中国が輸入禁止をするなか、水揚げされるホタテ(ウィキベテアより)

最終処分場の候補地選定をめぐって対馬市の比田勝市長が思案にくれていたころ、東京電力福島第一発電所でたまっている処理水の海への放出にともなって、中国における日本からの輸入が大幅に減少、とくに水産業界が悲鳴をあげている実態がテレビや新聞などで大きく取り上げられていた。
同原発では事故後、原子炉格納容器の底にたまった燃料デブリを冷やすために水を注入。この冷却水がデブリと接してセシウムやストロンチウムなどの放射性物質と混ざって汚染水化。この汚染水をALPS(多核種除去設備)で放射性物質を除去し、敷地内のタンクで保管している。このタンク群がほぼ満杯になったため、政府は8月24日から処理水を同原発の沖合に海洋放出することを決定。放出は廃炉が終わるまで続けられるので、廃炉工程が順調に進んでも、少なくとも30年かかる見通し。2023年度は合計3万1200トンを放出する計画だ。

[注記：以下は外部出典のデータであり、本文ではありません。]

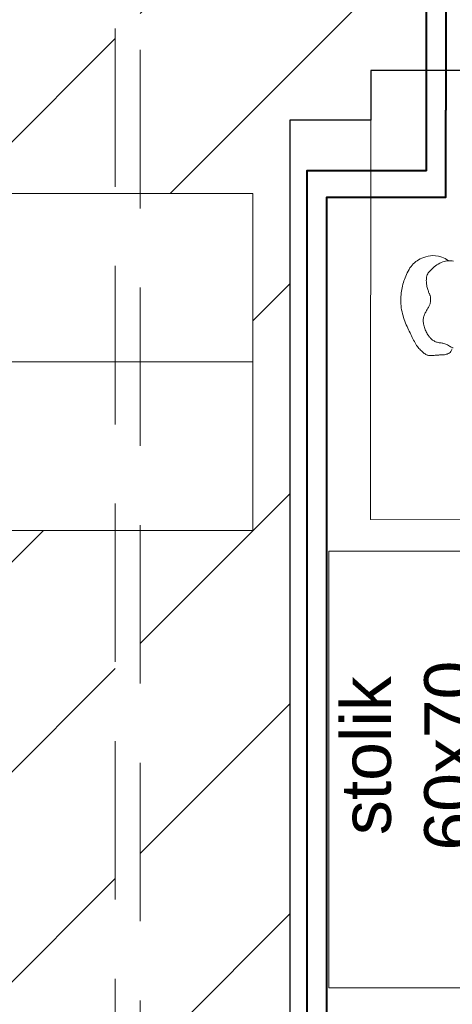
# Model space of a CAD drawing. Header units: millimetres. Extents: x 24385 to 79107, y -56478 to -23676.
# Tile 252 of 256: x 28011 to 28081, y -25526 to -25368. Entities that reach past the tile are written whole.
import ezdxf

# ---------------------------------------------------------------- set-up
doc = ezdxf.new("R2010")
doc.units = ezdxf.units.MM
doc.header["$LTSCALE"] = 2
doc.linetypes.add('HIDDENX2', pattern=[19.05, 12.7, -6.35])
for name, color, linetype, lineweight in [('0_OPIS', 7, 'Continuous', 13), ('10', 7, 'Continuous', 9), ('3DPLAN_A_TABELKA POMIESZCZEŃ', 7, 'Continuous', 0), ('3DPLAN_A_WYSOKOŚCI ZMIANA', 144, 'HIDDENX2', 5), ('6', 253, 'Continuous', 0)]:
    doc.layers.add(name, color=color, linetype=linetype, lineweight=lineweight)
for name, color, linetype in [('3DPLAN_A_KRESKOWANIE 1', 253, 'Continuous'), ('3DPLAN_A_OPIS', 8, 'Continuous'), ('3DPLAN_A_POMIESZCZENIE NUMER', 100, 'Continuous'), ('3DPLAN_K_NOŚNA', 7, 'Continuous'), ('A_POMIESZCZENIE OPIS', 100, 'Continuous')]:
    doc.layers.add(name, color=color, linetype=linetype)
doc.layers.add('3DPLAN_A_OBWIEDNIA', color=6, linetype='Continuous', plot=False)
for name, color, linetype, lineweight, true_color in [('cw', 7, 'Continuous', 40, 0xf79809), ('FURNITURE ZD 1 500', 7, 'Continuous', 13, 0x9fa8a5), ('wodociag', 7, 'Continuous', 40, 0x0e97f1)]:
    doc.layers.add(name, color=color, linetype=linetype, lineweight=lineweight, true_color=true_color)
doc.styles.add('ARIAL', font='arial.ttf')

# ---------------------------------------------------------------- blocks, each defined once
blk = doc.blocks.new('A$C7B9C5A86')
at = {"layer": '6', "color": 7}
for points in [[(2.169, 0.443), (2.1768, 0.4477), (2.1841, 0.4509), (2.1909, 0.4529), (2.1973, 0.4538), (2.2032, 0.454), (2.2087, 0.4535), (2.2138, 0.4525), (2.2185, 0.4512), (2.2229, 0.4498), (2.2269, 0.4483), (2.2307, 0.4467), (2.2342, 0.445), (2.2374, 0.443), (2.2404, 0.4409), (2.2432, 0.4386), (2.2459, 0.4361), (2.2484, 0.4333), (2.2507, 0.4303), (2.253, 0.4271), (2.255, 0.4238), (2.257, 0.4204), (2.2588, 0.4169), (2.2605, 0.4133), (2.262, 0.4097), (2.2635, 0.4061), (2.2648, 0.4025), (2.266, 0.3989), (2.2671, 0.3953), (2.2681, 0.3917), (2.269, 0.388), (2.2698, 0.3844), (2.2706, 0.3806), (2.2712, 0.3769), (2.2718, 0.373), (2.2723, 0.3692), (2.2727, 0.3652), (2.2729, 0.3613), (2.2731, 0.3572), (2.273, 0.3531), (2.2728, 0.349), (2.2723, 0.3448), (2.2717, 0.3405), (2.271, 0.3363), (2.27, 0.332), (2.269, 0.3278), (2.2678, 0.3236), (2.2666, 0.3195), (2.2652, 0.3154), (2.2638, 0.3115), (2.2623, 0.3077), (2.2608, 0.304), (2.2592, 0.3003), (2.2576, 0.2968), (2.256, 0.2933), (2.2544, 0.2898), (2.2528, 0.2864), (2.2512, 0.2831), (2.2496, 0.2798), (2.2481, 0.2765), (2.2465, 0.2734), (2.245, 0.2703), (2.2434, 0.2674), (2.2418, 0.2645), (2.2402, 0.2619), (2.2385, 0.2593), (2.2368, 0.257), (2.2351, 0.2547), (2.2334, 0.2527), (2.2316, 0.2507), (2.2299, 0.2489), (2.2282, 0.2472), (2.2265, 0.2457), (2.2249, 0.2442), (2.2233, 0.2429), (2.2217, 0.2417), (2.2201, 0.2407), (2.2185, 0.2397), (2.217, 0.2389), (2.2155, 0.2383), (2.214, 0.2377), (2.2125, 0.2374), (2.211, 0.2371), (2.2095, 0.237), (2.2079, 0.237), (2.2064, 0.237), (2.2049, 0.2371), (2.2033, 0.2372), (2.2017, 0.2374), (2.2001, 0.2375), (2.1985, 0.2377), (2.1968, 0.2378), (2.1951, 0.238), (2.1935, 0.2381), (2.1919, 0.2382), (2.1903, 0.2383), (2.1887, 0.2384), (2.1872, 0.2384), (2.1858, 0.2385), (2.1843, 0.2385), (2.1828, 0.2386), (2.1813, 0.2387), (2.1797, 0.2389), (2.1779, 0.2391), (2.1761, 0.2395), (2.1741, 0.2399), (2.172, 0.2405), (2.1698, 0.2414), (2.1678, 0.2426), (2.1658, 0.2441), (2.1641, 0.2462), (2.1626, 0.2488), (2.1615, 0.252)], [(2.1584, 0.4421), (2.1611, 0.4425), (2.1639, 0.4428), (2.1668, 0.4429), (2.1697, 0.4429), (2.1726, 0.4427), (2.1757, 0.4422), (2.1788, 0.4415), (2.1819, 0.4405), (2.1851, 0.4391), (2.1884, 0.4375), (2.1916, 0.4357), (2.1947, 0.4337), (2.1978, 0.4315), (2.2007, 0.4293), (2.2034, 0.427), (2.2058, 0.4248), (2.208, 0.4226), (2.21, 0.4205), (2.2117, 0.4184), (2.2131, 0.4163), (2.2143, 0.4142), (2.2153, 0.412), (2.2161, 0.4098), (2.2167, 0.4075), (2.2171, 0.4051), (2.2174, 0.4025), (2.2175, 0.4), (2.2174, 0.3974), (2.2172, 0.3947), (2.217, 0.3921), (2.2166, 0.3896), (2.2161, 0.3872), (2.2156, 0.3848), (2.215, 0.3826), (2.2143, 0.3805), (2.2137, 0.3785), (2.213, 0.3767), (2.2124, 0.375), (2.2117, 0.3734), (2.2111, 0.372), (2.2106, 0.3708), (2.2101, 0.3696), (2.2097, 0.3685), (2.2093, 0.3675), (2.2089, 0.3664), (2.2087, 0.3653), (2.2084, 0.3642), (2.2082, 0.3629), (2.2081, 0.3615), (2.208, 0.36), (2.208, 0.3584), (2.2081, 0.3567), (2.2082, 0.3549), (2.2085, 0.3532), (2.2088, 0.3514), (2.2092, 0.3497), (2.2098, 0.3481), (2.2104, 0.3464), (2.2112, 0.3449), (2.212, 0.3433), (2.2129, 0.3417), (2.2138, 0.3401), (2.2147, 0.3385), (2.2157, 0.3369), (2.2167, 0.3352), (2.2177, 0.3334), (2.2187, 0.3316), (2.2196, 0.3298), (2.2205, 0.3279), (2.2214, 0.326), (2.2221, 0.3241), (2.2227, 0.3222), (2.2233, 0.3203), (2.2237, 0.3184), (2.224, 0.3164), (2.2241, 0.3144), (2.2242, 0.3123), (2.224, 0.3102), (2.2238, 0.308), (2.2234, 0.3057), (2.2229, 0.3033), (2.2222, 0.3008), (2.2215, 0.2983), (2.2206, 0.2958), (2.2196, 0.2933), (2.2186, 0.2909), (2.2175, 0.2886), (2.2164, 0.2864), (2.2153, 0.2843), (2.2142, 0.2824), (2.213, 0.2806), (2.2118, 0.279), (2.2106, 0.2774), (2.2094, 0.276), (2.208, 0.2746), (2.2067, 0.2733), (2.2052, 0.2721), (2.2038, 0.2709), (2.2022, 0.2698), (2.2006, 0.2688), (2.1989, 0.2679), (2.1972, 0.2671), (2.1954, 0.2664), (2.1935, 0.2659), (2.1915, 0.2654), (2.1895, 0.2651), (2.1875, 0.2648), (2.1854, 0.2645), (2.1833, 0.2642), (2.1812, 0.2639), (2.1792, 0.2634), (2.1771, 0.2628), (2.1752, 0.2621), (2.1732, 0.2612), (2.1713, 0.2601), (2.1693, 0.2591), (2.1674, 0.2579), (2.1653, 0.2568), (2.1633, 0.2557), (2.1611, 0.2547), (2.1589, 0.2538)]]:
    blk.add_lwpolyline(points, dxfattribs=at)
blk = doc.blocks.new('A$C54E51C45')
at = {"layer": '10'}
blk.add_lwpolyline([(1.7277, 1.3718), (1.9297, 0.6807), (0.202, 0.1757), (0, 0.8668)], close=True, dxfattribs=at)
at = {"layer": '10', "xscale": 0.7391716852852, "yscale": 0.7391716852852, "zscale": 0.7391716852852, "rotation": 16.29110475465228}
blk.add_blockref('A$C7B9C5A86', (0.2462, 0.2798), dxfattribs=at)
blk = doc.blocks.new('tabelka dla tp')
at = {"layer": '3DPLAN_A_TABELKA POMIESZCZEŃ'}
blk.add_line((0, 27), (243.13, 27), dxfattribs=at)
blk.add_lwpolyline([(0, 54), (243.13, 54), (243.13, 0), (0, 0)], close=True, dxfattribs=at)
at = {"layer": '3DPLAN_A_POMIESZCZENIE NUMER', "color": 7, "style": 'ARIAL'}
blk.add_attdef('NUMER', (2.23, 35.39), '', height=12, dxfattribs=at)
at = {"layer": 'A_POMIESZCZENIE OPIS', "color": 7, "style": 'ARIAL'}
for tag, p in [('NAZWA', (51.73, 35.39)), ('POWIERZCHNIA', (51.06, 7.24))]:
    blk.add_attdef(tag, p, '', height=12, dxfattribs=at)
blk = doc.blocks.new('kondygnacja -1')
at = {"layer": '3DPLAN_A_KRESKOWANIE 1'}
h = blk.add_hatch(dxfattribs=at)
h.set_pattern_fill('ANSI31', color=256, scale=7.5, style=0)
h.set_pattern_definition([(45, (23044.838, -26883.88), (-16.83798, 16.83798), [])])
h.paths.add_polyline_path([(31677.49, -24430.84), (30214.87, -24430.84), (30214.87, -24470.84), (30429.61, -24470.84), (30429.61, -24477.84), (30447.61, -24477.84), (30447.61, -24818.84), (30476.61, -24818.84), (30476.61, -24470.84), (31012.61, -24470.84), (31012.61, -24478.84), (31079.61, -24478.84), (31079.61, -24470.84), (31638.61, -24470.84), (31638.61, -25036.84), (31079.61, -25036.84), (31079.61, -25028.84), (31012.61, -25028.84), (31012.61, -25036.84), (30611.38, -25036.84), (30611.38, -25072.84), (31023.61, -25072.84), (31034.61, -25082.84), (31034.61, -25330.84), (31023.61, -25340.84), (30831.4, -25340.84, -0.038531), (30832.58, -25356.18), (30832.58, -25371.84), (31079.61, -25371.84), (31079.61, -25072.84), (31638.61, -25072.84), (31638.61, -25943.84), (30832.58, -25943.84), (30832.58, -26009.84), (31677.49, -26009.84)])
h.paths.add_polyline_path([(30682.61, -26009.84), (30832.58, -26009.84), (30832.58, -25943.84), (30760.61, -25943.84), (30760.61, -25454.67), (30735.61, -25464.58), (30735.61, -25943.84), (30682.61, -25943.84)])
h.paths.add_polyline_path([(30679.61, -25371.84), (30735.61, -25371.84), (30735.61, -25464.58), (30760.61, -25454.67), (30760.61, -25371.84), (30832.58, -25371.84), (30832.58, -25356.18, 0.038531), (30831.4, -25340.84), (30679.61, -25340.84)])
h.paths.add_polyline_path([(30355.83, -25371.84), (30425.61, -25371.84), (30425.61, -25379.84), (30463.61, -25379.84), (30463.61, -25424.74), (30471.61, -25424.74), (30471.61, -25395.84), (30533.61, -25395.84), (30533.61, -25371.84), (30576.61, -25371.84), (30576.61, -25341.84), (30472.61, -25341.84), (30472.61, -25326.84), (30427.61, -25326.84), (30427.61, -25341.84), (30355.83, -25341.84)])
h.paths.add_polyline_path([(30456.61, -25936.84), (30425.61, -25936.84), (30425.61, -25945.84), (30380.61, -25945.84), (30380.61, -26009.84), (30512.61, -26009.84), (30512.61, -25943.84), (30466.61, -25943.84), (30466.61, -25712.84), (30456.61, -25712.84)])
h.paths.add_polyline_path([(28888.61, -25941.84), (28888.61, -26009.84), (29013.61, -26009.84), (29013.61, -25941.84)])
h.paths.add_polyline_path([(28591.17, -26009.84), (28591.17, -25944.84), (28547.61, -25944.84), (28547.61, -26009.84)])
h.paths.add_polyline_path([(28624.61, -25870.53), (28654.8, -25870.53), (28654.8, -25924.53), (28624.61, -25924.53), (28624.61, -25944.84), (28591.17, -25944.84), (28591.17, -26009.84), (28713.61, -26009.84), (28713.61, -25941.84), (28672.61, -25941.84), (28672.61, -25932.84), (28657.61, -25932.84), (28657.61, -25716.84), (28624.61, -25716.84)])
h.paths.add_polyline_path([(28372.61, -25944.84), (28328.61, -25944.84), (28328.61, -25907.84), (28282.61, -25907.84), (28282.61, -25944.84), (28248.61, -25944.84), (28248.61, -26009.84), (28372.61, -26009.84)])
h.paths.add_polyline_path([(28092.61, -25563.84), (28054.61, -25563.84), (28054.61, -25383.84), (28067.6, -25383.84), (28067.61, -25375.84), (28340.61, -25375.84), (28340.61, -25341.84), (28070.61, -25341.84), (28070.61, -25332.84), (28030.61, -25332.84), (28030.61, -25395.6), (28048.71, -25395.6), (28048.71, -25449.6), (28030.61, -25449.6), (28030.61, -26009.84), (28073.61, -26009.84), (28073.61, -25944.84), (28054.61, -25944.84), (28054.61, -25668.84), (28092.61, -25668.84)])
h.paths.add_polyline_path([(27949.61, -25495.75), (27949.61, -25507.75), (27983.29, -25507.75), (27983.29, -25521.75), (27949.61, -25521.75), (27949.61, -25531.84), (27999.61, -25531.84), (27999.61, -25934.84), (27982.61, -25934.84), (27982.61, -25942.84), (27947.61, -25942.84), (27947.61, -26009.84), (28026.62, -26009.84), (28026.62, -25449.6), (27999.61, -25449.6), (27999.61, -25463.84), (27949.61, -25463.84), (27949.61, -25481.75), (27983.29, -25481.75), (27983.29, -25495.75)])
h.paths.add_polyline_path([(27982.61, -25361.84), (27952.61, -25361.84), (27952.61, -25332.84), (28026.62, -25332.84), (28026.62, -25395.6), (27999.61, -25395.6), (27999.61, -25377.84), (27982.61, -25377.84)])
h.paths.add_polyline_path([(26818.61, -25892.84), (26781.49, -25892.84), (26781.49, -26009.84), (26894.54, -26009.84), (26894.54, -25942.84), (26830.61, -25942.84), (26830.61, -25930.84), (26818.61, -25930.84)])
h.paths.add_polyline_path([(26894.54, -26009.84), (27115.94, -26009.84), (27115.94, -25942.84), (26894.54, -25942.84)])
h.paths.add_polyline_path([(27115.94, -25942.84), (27115.94, -26009.84), (27466.61, -26009.84), (27466.61, -25942.84), (27427.61, -25942.84), (27427.61, -25933.84), (27384.61, -25933.84), (27384.61, -25942.84)])
h.paths.add_polyline_path([(27641.61, -25942.84), (27641.61, -26009.84), (27802.61, -26009.84), (27802.61, -25942.84)])
h.paths.add_polyline_path([(30621.1, -25040.47), (30688.37, -25040.47), (30688.37, -25072.87), (30621.1, -25072.87)], flags=24)
at = {"layer": '3DPLAN_A_OBWIEDNIA'}
blk.add_lwpolyline([(28054.61, -25944.84), (28282.61, -25944.84), (28282.61, -25907.84), (28328.61, -25907.84), (28328.61, -25944.84), (28624.61, -25944.84), (28624.61, -25385.84), (28612.61, -25385.84), (28612.61, -25375.84), (28067.61, -25375.84), (28067.61, -25383.84), (28054.61, -25383.84), (28054.61, -25563.84), (28092.61, -25563.84), (28092.61, -25668.84), (28054.61, -25668.84), (28054.61, -25944.84)], dxfattribs=at)
at = {"layer": '3DPLAN_A_WYSOKOŚCI ZMIANA'}
for p, q in [((28026.62, -26232.7), (28026.62, -23962.87)), ((28030.61, -23962.87), (28030.61, -26232.7))]:
    blk.add_line(p, q, dxfattribs=at)
at = {"layer": '3DPLAN_K_NOŚNA'}
for p, q in [((28340.61, -25375.84), (28067.61, -25375.84)), ((28067.61, -25375.84), (28067.61, -25383.84)), ((28067.61, -25383.84), (28054.61, -25383.84)), ((28054.61, -25383.84), (28054.61, -25563.84))]:
    blk.add_line(p, q, dxfattribs=at)
at = {"layer": 'FURNITURE ZD 1 500'}
blk.add_lwpolyline([(28120.86, -25522.94), (28120.86, -25452.94), (28060.86, -25452.94), (28060.86, -25522.94)], close=True, dxfattribs=at)
at = {"layer": '3DPLAN_A_TABELKA POMIESZCZEŃ', "ltscale": 0.5}
blk.add_blockref('tabelka dla tp', (27805.58, -25449.6), dxfattribs=at)
at = {"layer": 'FURNITURE ZD 1 500', "lineweight": 0, "xscale": -100, "yscale": 100, "zscale": 100, "rotation": 16.26747800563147}
blk.add_blockref('A$C54E51C45', (28271.89, -25459.13), dxfattribs=at)
at = {"layer": '3DPLAN_A_OPIS', "color": 1, "lineweight": 30, "style": 'ARIAL'}
for tag, p in [('PRZESUNIĘCIE_WEJŚCIA', (27655.16, -24535.33)), ('WYŁĄCZONE', (27007.18, -24723.98)), ('Z_OPRACOWANIA', (26996.84, -24746.42)), ('WYŁĄCZONE', (30803.05, -24760.87)), ('Z_OPRACOWANIA', (30792.71, -24783.3)), ('WYŁĄCZONE', (28894.9, -24826.59)), ('Z_OPRACOWANIA', (28884.56, -24849.03)), ('POWIĘKSZENIE_WEJŚCIA', (28313.68, -25144.41)), ('POWIĘKSZENIE_WEJŚCIA', (29600.62, -25191.36)), ('POWIĘKSZENIE_WEJŚCIA', (28011.45, -25235.42)), ('WYŁĄCZONE', (29754.42, -25678.17)), ('Z_OPRACOWANIA', (29744.08, -25700.6)), ('WYJŚCIE_EWAKUACYJNE', (27763.79, -26106.07))]:
    blk.add_attdef(tag, p, '', height=12, dxfattribs=at)
at = {"layer": '3DPLAN_A_OPIS', "color": 0, "lineweight": 30, "style": 'ARIAL'}
for tag, p in [('UGUL_1', (29350.3, -24586.01)), ('UGUL_2', (29622.92, -24586.01)), ('UGUL_3', (29833.15, -24586.01))]:
    blk.add_attdef(tag, p, '', height=12, dxfattribs=at)
at = {"layer": '3DPLAN_A_TABELKA POMIESZCZEŃ', "color": 7, "ltscale": 0.5, "insert": (28073.57, -25485.73), "char_height": 8, "width": 59.2068, "attachment_point": 5, "rotation": 90, "style": 'ARIAL'}
blk.add_mtext('stolik\\P60x70', dxfattribs=at)
at = {"layer": '3DPLAN_A_TABELKA POMIESZCZEŃ', "ltscale": 0.5, "style": 'ARIAL'}
for tag, p in [('KURTYNA', (27861.91, -26064.85)), ('POWIETRZNA', (27861.91, -26084.56))]:
    blk.add_attdef(tag, p, '', height=12, dxfattribs=at)

msp = doc.modelspace()

# ---------------------------------------------------------------- linework, layer by layer
at = {"layer": 'cw'}
msp.add_line((28079.67, -25310.07), (28079.67, -25382.21), dxfattribs=at)
msp.add_lwpolyline([(28117.01, -25573.61), (28117.01, -25552.49), (28060.57, -25552.49), (28060.57, -25396.15), (28079.67, -25396.15), (28079.67, -25382.21)], dxfattribs=at)
at = {"layer": 'wodociag'}
msp.add_line((28076.53, -25391.94), (28076.53, -25304.58), dxfattribs=at)
msp.add_lwpolyline([(28076.53, -25391.94), (28057.38, -25391.94), (28057.38, -25558.13), (28137.01, -25558.13), (28137.01, -25573.61)], dxfattribs=at)

# ---------------------------------------------------------------- block references
at = {"layer": '0_OPIS'}
msp.add_blockref('kondygnacja -1', (0, 0), dxfattribs=at)

doc.saveas('drawing.dxf')

政府は「処理水」と呼んでいるが、ALPSは放射性物質であるトリチウムを除去できないうえ、他の放射性物質が残る可能性も絶無と言い切れず、「汚染水」と呼ぶ人は少なくない。政府は「トリチウムは皮膚も通さないので、外部被ばくによる人体の影響はない」として、マスコミなどを通じ安全性の浸透を図ろうとした。これを受けて、福島県や東電は9地点で採水してトリチウムの濃度を測定。9月19日の調査では、すべての地点で目標の10ベクレル以下となり、「人や環境への影響がないことを確認した」と発表した。
放出開始前、 IAEA(国際原子力機関)が「放出は安全基準に合致している」との報告書をまとめたこともあって、岸田文雄首相は9月5日、インド・ニューデリーで行われたG20の場で、「国際的にも科学的に安全であることが認められた」とPRにつとめた。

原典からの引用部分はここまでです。